- _Work to be completed_
For the records below, print the lines from the line with "plane 14 to Sweep 1 sketch curve = 0.0 mm" through the line with "curve 4 to plane 5 = 0.0 mm" exactly as written; include both end lines and exclude the rest.

- _Data provided_
########################################

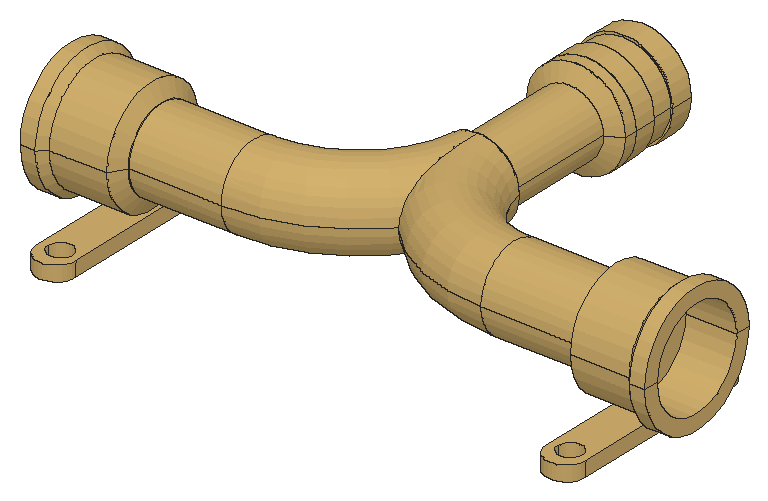
Revit family "PEX_Te_Mist", category Pipe Fittings, Revit 2025
Family settings
  Round Connector Dimension = Use Diameter
  Part Type = Tee
  OmniClass Number = 23.60.30.11.14
  OmniClass Title = Pipework Fittings
  Work Plane-Based = No
  Always vertical = Yes
  Cut with Voids When Loaded = No
  Shared = No
Parameters (values of type "16x1/2"")
  Visualização Conexão = yes
  URL = "https://www.ultrapex.com.br/_files/ugd/9f3173_32d47a29bbff48b5af4781a5d529eee8.pdf"
  ULTRAPEX: Versão = "01"  # constant formula
  ULTRAPEX: Norma Técnica = "NBR 15939"  # constant formula
  ULTRAPEX: Descrição [instance] = size_lookup(LookupTable, "DES", "Produto Inexistente", DN1, DN2)  # "Tê Misturador 16x1/2\" - ULTRAPEX"
  ULTRAPEX: Código [instance] = size_lookup(LookupTable, "COD", 0, DN1, DN2)  # 9141612
  Type Image = Tê Misturador.png
  RN2 = DN2 / 2  # 10.05 mm
  RN1 [instance] = DN1 / 2 + 2.0 mm  # 10.0 mm
  Material = Latão - Ultrapex
  LookupTable = "Tê Misturador - ULTRAPEX"
  IfcExportAs = "IfcPipeFittingType.CONNECTOR"  # constant formula
  Manufacturer = "UltraPEX"  # constant formula
  Default Elevation = 0.0 mm
  Description = "Tê Misturador - ULTRAPEX"
  DN2 Nominal = 20.0 mm
  DN2 = if(DN2 Nominal = 20 mm, 20.1 mm, if(DN2 Nominal = 25 mm, 26.4 mm, if(DN2 Nominal = 32 mm, 33.4 mm, 20 mm)))  # 20.1 mm
  DN1 = 16 mm
  Cota J = size_lookup(LookupTable, "J", 10.3 mm, DN1, DN2)  # 10.3 mm
  Cota I = size_lookup(LookupTable, "I", 1.5 mm, DN1, DN2)  # 1.5 mm
  Cota H = size_lookup(LookupTable, "H", 16.7 mm, DN1, DN2)  # 16.7 mm
  Cota G = size_lookup(LookupTable, "G", 23.5 mm, DN1, DN2)  # 23.5 mm
  Cota F = size_lookup(LookupTable, "F", 21.5 mm, DN1, DN2)  # 26.1 mm
  Cota E = size_lookup(LookupTable, "E", 16.7 mm, DN1, DN2)  # 16.7 mm
  Cota D = size_lookup(LookupTable, "D", 4.3 mm, DN1, DN2)  # 4.3 mm
  Cota C = size_lookup(LookupTable, "C", 103.0 mm, DN1, DN2)  # 103.0 mm
  Cota B = size_lookup(LookupTable, "B", 65.0 mm, DN1, DN2)  # 65.0 mm
  Cota A = size_lookup(LookupTable, "A", 126.2 mm, DN1, DN2)  # 126.2 mm
Types (4, lengths in mm): name | ULTRAPEX: Descrição | ULTRAPEX: Código | RN2 | RN1 | DN2 Nominal | DN2 | DN1 | Cota J | Cota I | Cota H | Cota G | Cota F | Cota E | Cota D | Cota C | Cota B | Cota A
  16x1/2" | "Tê Misturador 16x1/2\" - ULTRAPEX" | 9141612 | 10.05 | 10.0 | 20.0 | 20.1 | 16 | 10.3 | 1.5 | 16.7 | 23.5 | 26.1 | 16.7 | 4.3 | 103.0 | 65.0 | 126.2
  16x3/4" | "Tê Misturador 16x3/4\"  - ULTRAPEX" | 9141634 | 13.2 | 10.0 | 25.0 | 26.4 | 16 | 11.8 | 1.5 | 17.9 | 25.1 | 30.4 | 17.8 | 4.6 | 105.0 | 68.0 | 135.0
  20x1/2" | "Tê Misturador 20x1/2\" - ULTRAPEX" | 9142012 | 10.05 | 12.0 | 20.0 | 20.1 | 20 | 10.3 | 0.5 | 16.7 | 23.5 | 26.1 | 16.7 | 4.3 | 103.0 | 65.0 | 126.2
  20x3/4" | "Tê Misturador 20x3/4\" - ULTRAPEX" | 9142034 | 13.2 | 12.0 | 25.0 | 26.4 | 20 | 11.8 | 0.5 | 17.9 | 25.1 | 30.4 | 17.8 | 4.6 | 105.0 | 68.0 | 135.0
Reference planes
  plane 1 "Centro (Frente/Trás)": y = 0
  plane 2: z = 0
  plane 3 "Centro (Esquerda/Direita)": x = 0
  plane 4: x = -63.1
  plane 5: x = 63.1
  plane 6: x = -51.5
  plane 7: x = 51.5
  plane 8: y = -22.438
  plane 9: y = 65
  plane 10: y = -13.05
  plane 11: y = 13.05
  plane 12: x = -8.35
  plane 13: x = 8.35
  plane 14: y = 23.5
  plane 15: y = 51
  plane 16: y = 46.7
  plane 17: y = 8.35
  plane 18: y = -8.35
  plane 19: x = -46.516
  plane 20: x = -45.016
  plane 21: x = 45.016
  plane 22: x = 46.516
  plane 23: y = 22.438
  plane 24: y = 18.437
  plane 25: y = -18.438
  plane 26: z = -13.05
  plane 27: z = 13.05
Forms (mm)
  Sweep 1, solid, material "Latão - Ultrapex" <- "Material", detail levels fine
    path origin (0.24, 0, 0) x (1, 0, 0) y (0, 1, 0)
      loop
        arc (-0.24, 23.5) -> (8.36, 6.736) -> (25.956, 0) r 26.351
        line (25.956, 0) -> (44.776, 0)
    profile origin (35.606, 0, 0) x (0, 1, 0) y (0, 0, 1)
      loop
        circle (0, 0) r 8.35
  Revolve 2, void, detail levels fine
    sketch origin (0, 0, 0) x (1, 0, 0) y (0, 1, 0)
      loop
        line (0, 26.351) -> (0, 23.5) -> (11.267, 23.5) -> (11.267, 26.351) -> (0, 26.351)
      axis (0, 26.351) -> (0, 23.5)
    angle from 0 to 360
  Revolve 3, solid, material "Latão - Ultrapex" <- "Material", detail levels fine
    sketch origin (0, 0, 0) x (1, 0, 0) y (0, 1, 0)
      loop
        line (10, 51) -> (0, 51) -> (0, 23.5) -> (8.35, 23.5) -> (6.85, 25) -> (6.85, 46.7) -> (10, 48.5) -> (10, 51)
      axis (0, 51) -> (0, 23.5)
    angle from 0 to 360
  Revolve 4, solid, material "Latão - Ultrapex" <- "Material", detail levels fine
    sketch origin (0.268, 0, 0) x (1, 0, 0) y (0, 1, 0)
      loop
        line (-45.284, 8.35) -> (-47.131, 11.55) -> (-58.857, 11.55) -> (-60.357, 13.05) -> (-63.368, 13.05) -> (-63.368, 10.05) -> (-53.068, 10.05) -> (-53.068, 0) -> (-45.284, 0) -> (-45.284, 8.35)
      axis (-63.368, 0) -> (-45.284, 0)
    angle from 0 to 360
  Extrusion 5, solid, material "Latão - Ultrapex" <- "Material", detail levels fine
    sketch origin (-63.1, -1524, -13.05) x (-1, 0, 0) y (0, -1, 0)
      loop
        arc (-15.6, -1542.438) -> (-11.6, -1546.438) -> (-7.6, -1542.438) r 4
        line (-7.6, -1542.438) -> (-7.6, -1505.562)
        arc (-7.6, -1505.562) -> (-11.6, -1501.562) -> (-15.6, -1505.562) r 4
        line (-15.6, -1505.562) -> (-15.6, -1542.438)
      loop
        circle (-11.6, -1541.437) r 2.5
      loop
        circle (-11.6, -1506.562) r 2.5
      loop
        line (-110.6, -1542.438) -> (-110.6, -1505.562)
        arc (-110.6, -1505.562) -> (-114.6, -1501.562) -> (-118.6, -1505.562) r 4
        line (-118.6, -1505.562) -> (-118.6, -1542.438)
        arc (-118.6, -1542.438) -> (-114.6, -1546.438) -> (-110.6, -1542.438) r 4
      loop
        circle (-114.6, -1541.437) r 2.5
      loop
        circle (-114.6, -1506.562) r 2.5
    from 0 to -3
  Sweep 6, solid, material "Latão - Ultrapex" <- "Material", detail levels fine
    path origin (-0.24, 0, 0) x (-1, 0, 0) y (0, 1, 0)
      loop
        arc (-0.24, 23.5) -> (8.36, 6.736) -> (25.956, 0) r 26.351
        line (25.956, 0) -> (44.776, 0)
    profile origin (-35.606, 0, 0) x (0, -1, 0) y (0, 0, 1)
      loop
        circle (0, 0) r 8.35
  Revolve 7, solid, material "Latão - Ultrapex" <- "Material", detail levels fine
    sketch origin (-0.268, 0, 0) x (-1, 0, 0) y (0, 1, 0)
      loop
        line (-45.284, 8.35) -> (-47.131, 11.55) -> (-58.868, 11.55) -> (-60.368, 13.05) -> (-63.368, 13.05) -> (-63.368, 10.05) -> (-53.068, 10.05) -> (-53.068, 0) -> (-45.284, 0) -> (-45.284, 8.35)
      axis (-63.368, 0) -> (-45.284, 0)
    angle from 0 to 360
Cuts and joins
  joined: Revolve 3, Revolve 4, Extrusion 5, Revolve 7
  Revolve 2 cuts Sweep 1
  Revolve 2 cuts Sweep 6
  joined: Sweep 1, Sweep 6
Lines and regions (mm)
  model lines, detail levels coarse+medium
    curve 1: line (0, 51, 0) -> (0, 23.5, 0)
    curve 2: line (-63.1, 0, 0) -> (-27.716, 0, 0)
    curve 3: arc (-27.716, 0, 0) -> (-9.128, 6.172, 0) -> (0, 23.5, 0) r 26.224
    curve 4: line (63.1, 0, 0) -> (27.716, 0, 0)
    curve 5: arc (27.716, 0, 0) -> (9.128, 6.172, 0) -> (0, 23.5, 0) r 26.224
Dimensions and locks
  "Cota A": plane 4 to plane 5
  "Cota C": plane 6 to plane 7
  locked: plane 15 to plane 9 at 14
  "Cota D": plane 16 to plane 15
  equal spacing: plane 20, plane 3 "Centro (Esquerda/Direita)", plane 21
  equal spacing: plane 19, plane 3 "Centro (Esquerda/Direita)", plane 22
  locked: plane 19 to plane 20 at 1.5
  plane 21 to plane 22 = 1.5 mm
  equal spacing: plane 6, plane 3 "Centro (Esquerda/Direita)", plane 7
  equal spacing: plane 18, plane 1 "Centro (Frente/Trás)", plane 17
  equal spacing: plane 10, plane 1 "Centro (Frente/Trás)", plane 11
  "Cota F": plane 10 to plane 11
  "Cota E": plane 18 to plane 17
  "Cota H": plane 12 to plane 13
  "Cota G": plane 1 "Centro (Frente/Trás)" to plane 14
  equal spacing: plane 12, plane 3 "Centro (Esquerda/Direita)", plane 13
  locked: Revolve 3 sketch curve to plane 15 at 2.5
  "RN2": plane 1 "Centro (Frente/Trás)" to Revolve 4 sketch curve
  "RN2": plane 1 "Centro (Frente/Trás)" to Revolve 7 sketch curve
  equal spacing: plane 4, plane 3 "Centro (Esquerda/Direita)", plane 5
  "Cota B": plane 1 "Centro (Frente/Trás)" to plane 9
  locked: plane 24 to plane 23 at 4
  locked: plane 25 to plane 8 at 4
  equal spacing: plane 8, plane 1 "Centro (Frente/Trás)", plane 23
  locked: plane 8 to plane 23 at 44.875
  equal spacing: Extrusion 5 sketch curve, plane 6, Extrusion 5 sketch curve  (x3)
  locked: Extrusion 5 sketch curve to Extrusion 5 sketch curve at 8  (x2)
  locked: plane 24 to Extrusion 5 sketch curve at 4  (x2)
  locked: Extrusion 5 sketch curve to plane 25 at 4  (x2)
  locked: Extrusion 5 sketch curve to plane 23 at 5  (x2)
  locked: Extrusion 5 sketch curve to plane 8 at 5  (x2)
  locked: Extrusion 5 sketch curve to Extrusion 5 sketch curve at 5  (x4)
  equal spacing: Extrusion 5 sketch curve, plane 7, Extrusion 5 sketch curve  (x3)
  locked: plane 14 to Revolve 3 sketch curve at 1.5
  "Cota I": Revolve 3 sketch curve to plane 13
  "RN1": plane 3 "Centro (Esquerda/Direita)" to Revolve 3 sketch curve
  plane 2 to plane 26 = 13.05 mm
  equal spacing: plane 27, plane 2, plane 26
  "Cota F": plane 27 to plane 26
  "Cota J": plane 4 to Revolve 4 sketch curve
  "Cota J": Revolve 7 sketch curve to plane 5
  locked: Revolve 4 sketch curve to Revolve 4 sketch curve at 3
  locked: Revolve 4 sketch curve to Revolve 4 sketch curve at 3.011
  locked: Revolve 7 sketch curve to Revolve 7 sketch curve at 3  (x2)
  equal spacing: Revolve 7 sketch curve, Revolve 7 sketch curve, Revolve 7 sketch curve
  equal spacing: Revolve 4 sketch curve, Revolve 4 sketch curve, Revolve 4 sketch curve
  "Cota H": diameter of Sweep 6 sketch curve
  "Cota H": diameter of Sweep 1 sketch curve
  locked: Revolve 4 sketch curve to plane 11 (angle 45.00°)
  locked: plane 11 to Revolve 7 sketch curve (angle 45.00°)
  locked: Revolve 4 sketch curve to plane 17 (angle 60.00°)
  locked: plane 17 to Revolve 7 sketch curve (angle 60.00°)
  aligned and locked: plane 2 to level
  aligned and locked: plane 3 "Centro (Esquerda/Direita)" to Sweep 1 sketch curve
  aligned and locked: plane 1 "Centro (Frente/Trás)" to Sweep 1 sketch curve
  aligned and locked: plane 3 "Centro (Esquerda/Direita)" to Sweep 6 sketch curve
  aligned and locked: Sweep 6 sketch curve to plane 1 "Centro (Frente/Trás)"
  aligned and locked: plane 15 to Revolve 3 sketch curve
  aligned and locked: plane 1 "Centro (Frente/Trás)" to Revolve 4 sketch curve
  aligned and locked: Revolve 4 sketch curve to plane 20
  aligned and locked: plane 17 to Revolve 7 sketch curve
  aligned and locked: Revolve 7 sketch curve to plane 21
  aligned and locked: Revolve 7 sketch curve to plane 1 "Centro (Frente/Trás)"  (x2)
  aligned and locked: plane 5 to Revolve 7 sketch curve
  aligned and locked: plane 15 to nested 1
  aligned and locked: plane 25 to Extrusion 5 sketch curve
  aligned and locked: Extrusion 5 sketch curve to plane 25  (x3)
  aligned and locked: plane 24 to Extrusion 5 sketch curve
  aligned and locked: Extrusion 5 sketch curve to plane 24  (x3)
  aligned and locked: Revolve 3 sketch curve to plane 3 "Centro (Esquerda/Direita)"
  aligned and locked: nested 1 to Revolve 3 sketch curve
  aligned and locked: plane 13 to Revolve 3 sketch curve
Automatic sketch dimensions
  Sweep 1 sketch curve to plane 21 = 0.0 mm
  plane 14 to Sweep 1 sketch curve = 0.0 mm
  Sweep 1 sketch curve to plane 14 = 2.851 mm
  Revolve 2 sketch curve to plane 3 "Centro (Esquerda/Direita)" = 0.0 mm  (x2)
  plane 14 to Revolve 2 sketch curve = 0.0 mm
  Revolve 2 sketch curve to plane 13 = 2.917 mm
  Revolve 2 sketch curve to plane 14 = 2.851 mm
  Revolve 2 sketch curve to Revolve 2 sketch curve = 3.627 mm
  Revolve 2 sketch curve to Revolve 2 sketch curve = 2.159 mm
  Sweep 6 sketch curve to plane 20 = 0.0 mm
  plane 14 to Sweep 6 sketch curve = 0.0 mm
  plane 14 to Sweep 6 sketch curve = 2.851 mm
  plane 1 "Centro (Frente/Trás)" to curve 2 = 0.0 mm
  curve 2 to plane 4 = 0.0 mm
  curve 1 to plane 3 "Centro (Esquerda/Direita)" = 0.0 mm
  plane 1 "Centro (Frente/Trás)" to curve 5 = 0.0 mm
  curve 4 to plane 5 = 0.0 mm
  plane 14 to curve 1 = 0.0 mm
  plane 15 to curve 1 = 0.0 mm
  curve 2 to plane 20 = 17.3 mm
  curve 3 to plane 14 = 2.674 mm
  curve 5 to plane 14 = 2.674 mm
  plane 3 "Centro (Esquerda/Direita)" to curve 5 = 26.088 mm
  Sweep 1 sketch curve to profile plane = 0.0 mm  (x2)
  plane 23 to Revolve 3 sketch curve = 0.0 mm
  plane 14 to Revolve 3 sketch curve = 0.0 mm
  plane 16 to Revolve 3 sketch curve = 0.0 mm
  plane 15 to Revolve 3 sketch curve = 0.0 mm
  plane 1 "Centro (Frente/Trás)" to Revolve 4 sketch curve = 0.0 mm
  Revolve 4 sketch curve to plane 4 = 0.0 mm
  plane 17 to Revolve 4 sketch curve = 0.0 mm
  plane 4 to Revolve 4 sketch curve = 0.639 mm
  plane 6 to Revolve 4 sketch curve = 0.032 mm
  Sweep 6 sketch curve to level = 0.0 mm
  Sweep 6 sketch curve to profile plane = 0.0 mm
  plane 5 to Revolve 7 sketch curve = 0.103 mm
  plane 7 to Revolve 7 sketch curve = 0.032 mm
Nested families
  nested 1: "Anel Deslizante - ULTRAPEX" at (0, 51, 0), Diâmetro Nominal <- "DN1", type "Anel Deslizante - ULTRAPEX"
    with ULTRAPEX: Descrição "Anel Deslizante 16 mm - ULTRAPEX", ULTRAPEX: Código 9040016, Diâmetro Nominal 16 mm, DN 16.0 mm, Cota C 4.667 mm, Cota B 14.0 mm, Cota A 20.0 mm
Connectors
  piping at (52.8, 0, 0), diameter 20, driven by "DN2 Nominal"
    settings: on cut or joined group of Revolve 3, Revolve 4, Extrusion 5, Revolve 7, index 1, connector inside diameter 609.6 mm, connector length 0.0 mm, flow factor 0, pipe flow 0.0 L/s, pressure drop 0.0 Pa, fitting loss kfactor 0, connector angle 0.00°, fixture units 0, engagement length 0.0 mm, angle of deflection 0.00°, flow configuration 0, flow direction 0, fitting loss method 0, system type 28, joint type 0, gender type 0, connector reference index -1, connector utility 0, adjustable connector no, is connector primary yes, connector description ""
  piping at (-52.8, 0, 0), diameter 20, driven by "DN2 Nominal"
    settings: on cut or joined group of Revolve 3, Revolve 4, Extrusion 5, Revolve 7, index 2, connector inside diameter 609.6 mm, connector length 0.0 mm, flow factor 0, pipe flow 0.0 L/s, pressure drop 0.0 Pa, fitting loss kfactor 0, connector angle 0.00°, fixture units 0, engagement length 0.0 mm, angle of deflection 0.00°, flow configuration 0, flow direction 0, fitting loss method 0, system type 28, joint type 0, gender type 0, connector reference index -1, connector utility 0, adjustable connector no, is connector primary no, connector description ""
  piping at (0, 51, 0), diameter 16, driven by "DN1"
    settings: on cut or joined group of Revolve 3, Revolve 4, Extrusion 5, Revolve 7, index 3, connector inside diameter 609.6 mm, connector length 0.0 mm, flow factor 0, pipe flow 0.0 L/s, pressure drop 0.0 Pa, fitting loss kfactor 0, connector angle 0.00°, fixture units 0, engagement length 0.0 mm, angle of deflection 0.00°, flow configuration 0, flow direction 0, fitting loss method 0, system type 28, joint type 0, gender type 0, connector reference index -1, connector utility 0, adjustable connector no, is connector primary no, connector description ""
Definition of nested family "Anel Deslizante - ULTRAPEX"
  Parameters (values of type "ANEL DESLIZANTE 16mm")
    URL = "https://www.ultrapex.com.br/_files/ugd/9f3173_32d47a29bbff48b5af4781a5d529eee8.pdf"
    ULTRAPEX: Versão = "00"  # constant formula
    ULTRAPEX: Norma Técnica = "NBR 15939"  # constant formula
    ULTRAPEX: Descrição [instance] = size_lookup(LookupTable, "DES", "Produto Inexistente", Diâmetro Nominal)  # "Anel Deslizante 16 mm - ULTRAPEX"
    ULTRAPEX: Código [instance] = size_lookup(LookupTable, "COD", 0, Diâmetro Nominal)  # 9040016
    Type Image = element 382182
    Material = none
    LookupTable = "Anel Deslizante - ULTRAPEX"  # constant formula
    IfcExportAs = "IfcPipeFittingType.CONNECTOR"  # constant formula
    Manufacturer = "UltraPEX"  # constant formula
    Default Elevation = 0.0 mm
    Diâmetro Nominal [instance] = 16 mm
    Description = "Anel Deslizante - ULTRAPEX"
    DN [instance] = size_lookup(LookupTable, "DN", 16.0 mm, Diâmetro Nominal)  # 16.0 mm
    Cota C [instance] = Cota B / 3  # 4.667 mm
    Cota B [instance] = size_lookup(LookupTable, "B", 14.0 mm, Diâmetro Nominal)  # 14.0 mm
    Cota A [instance] = size_lookup(LookupTable, "A", 20.0 mm, Diâmetro Nominal)  # 20.0 mm
  Reference planes
    plane 1 "Centro (Frente/Trás)": y = 0
    plane 2: z = 0
    plane 3 "Centro (Esquerda/Direita)": x = 0
    plane 4: x = 8
    plane 5: x = -8
    plane 6: x = -10
    plane 7: x = 10
    plane 8: y = 14
  Forms (mm)
    Revolve 1, solid, material <- "Material", detail levels fine
      sketch origin (0, 0, 0) x (1, 0, 0) y (0, 1, 0)
        loop
          line (10, 0) -> (10, 14) -> (8, 14) -> (8, 0) -> (10, 0)
        axis (0, 0) -> (0, 14)
      angle from 0 to 360
    Revolve 2, void
      sketch origin (0, 0, 0) x (1, 0, 0) y (0, 1, 0)
        loop
          line (-10.952, 9.333) -> (-10.952, 4.667) -> (-9.524, 4.667) -> (-9.524, 9.333) -> (-10.952, 9.333)
        axis (0, 4.667) -> (0, 9.333)
      angle from 0 to 360
  Cuts and joins
    Revolve 2 cuts Revolve 1
  Lines and regions (mm)
    model lines, detail levels coarse+medium
      curve 1: line (0, 0, 0) -> (0, 14, 0)
  Dimensions and locks
    "DN": plane 5 to plane 4
    "Cota A": plane 6 to plane 7
    equal spacing: plane 6, plane 3 "Centro (Esquerda/Direita)", plane 7
    equal spacing: plane 5, plane 3 "Centro (Esquerda/Direita)", plane 4
    "Cota B": plane 1 "Centro (Frente/Trás)" to plane 8
    "Cota C": Revolve 2 sketch curve to plane 8
    "Cota C": plane 1 "Centro (Frente/Trás)" to Revolve 2 sketch curve
    locked: plane 6 to Revolve 2 sketch curve at 0.476
    locked: Revolve 2 sketch curve to Revolve 2 sketch curve at 1.428
    aligned and locked: level to plane 2
    aligned and locked: plane 3 "Centro (Esquerda/Direita)" to Revolve 1 sketch curve
    aligned and locked: Revolve 1 sketch curve to plane 7
    aligned and locked: plane 4 to Revolve 1 sketch curve
    aligned and locked: plane 1 "Centro (Frente/Trás)" to Revolve 1 sketch curve
    aligned and locked: plane 8 to Revolve 1 sketch curve
    aligned and locked: plane 8 to curve 1
    aligned and locked: plane 1 "Centro (Frente/Trás)" to curve 1
  Automatic sketch dimensions
    plane 1 "Centro (Frente/Trás)" to Revolve 1 sketch curve = 0.0 mm
    Revolve 1 sketch curve to Revolve 1 sketch curve = 0.0 mm
    curve 1 to plane 3 "Centro (Esquerda/Direita)" = 0.0 mm
    Revolve 2 sketch curve to plane 3 "Centro (Esquerda/Direita)" = 0.0 mm
    plane 1 "Centro (Frente/Trás)" to Revolve 2 sketch curve = 0.0 mm
    plane 8 to Revolve 2 sketch curve = 2.253 mm

########################################

- _Expected output_
  plane 14 to Sweep 1 sketch curve = 0.0 mm
  Sweep 1 sketch curve to plane 14 = 2.851 mm
  Revolve 2 sketch curve to plane 3 "Centro (Esquerda/Direita)" = 0.0 mm  (x2)
  plane 14 to Revolve 2 sketch curve = 0.0 mm
  Revolve 2 sketch curve to plane 13 = 2.917 mm
  Revolve 2 sketch curve to plane 14 = 2.851 mm
  Revolve 2 sketch curve to Revolve 2 sketch curve = 3.627 mm
  Revolve 2 sketch curve to Revolve 2 sketch curve = 2.159 mm
  Sweep 6 sketch curve to plane 20 = 0.0 mm
  plane 14 to Sweep 6 sketch curve = 0.0 mm
  plane 14 to Sweep 6 sketch curve = 2.851 mm
  plane 1 "Centro (Frente/Trás)" to curve 2 = 0.0 mm
  curve 2 to plane 4 = 0.0 mm
  curve 1 to plane 3 "Centro (Esquerda/Direita)" = 0.0 mm
  plane 1 "Centro (Frente/Trás)" to curve 5 = 0.0 mm
  curve 4 to plane 5 = 0.0 mm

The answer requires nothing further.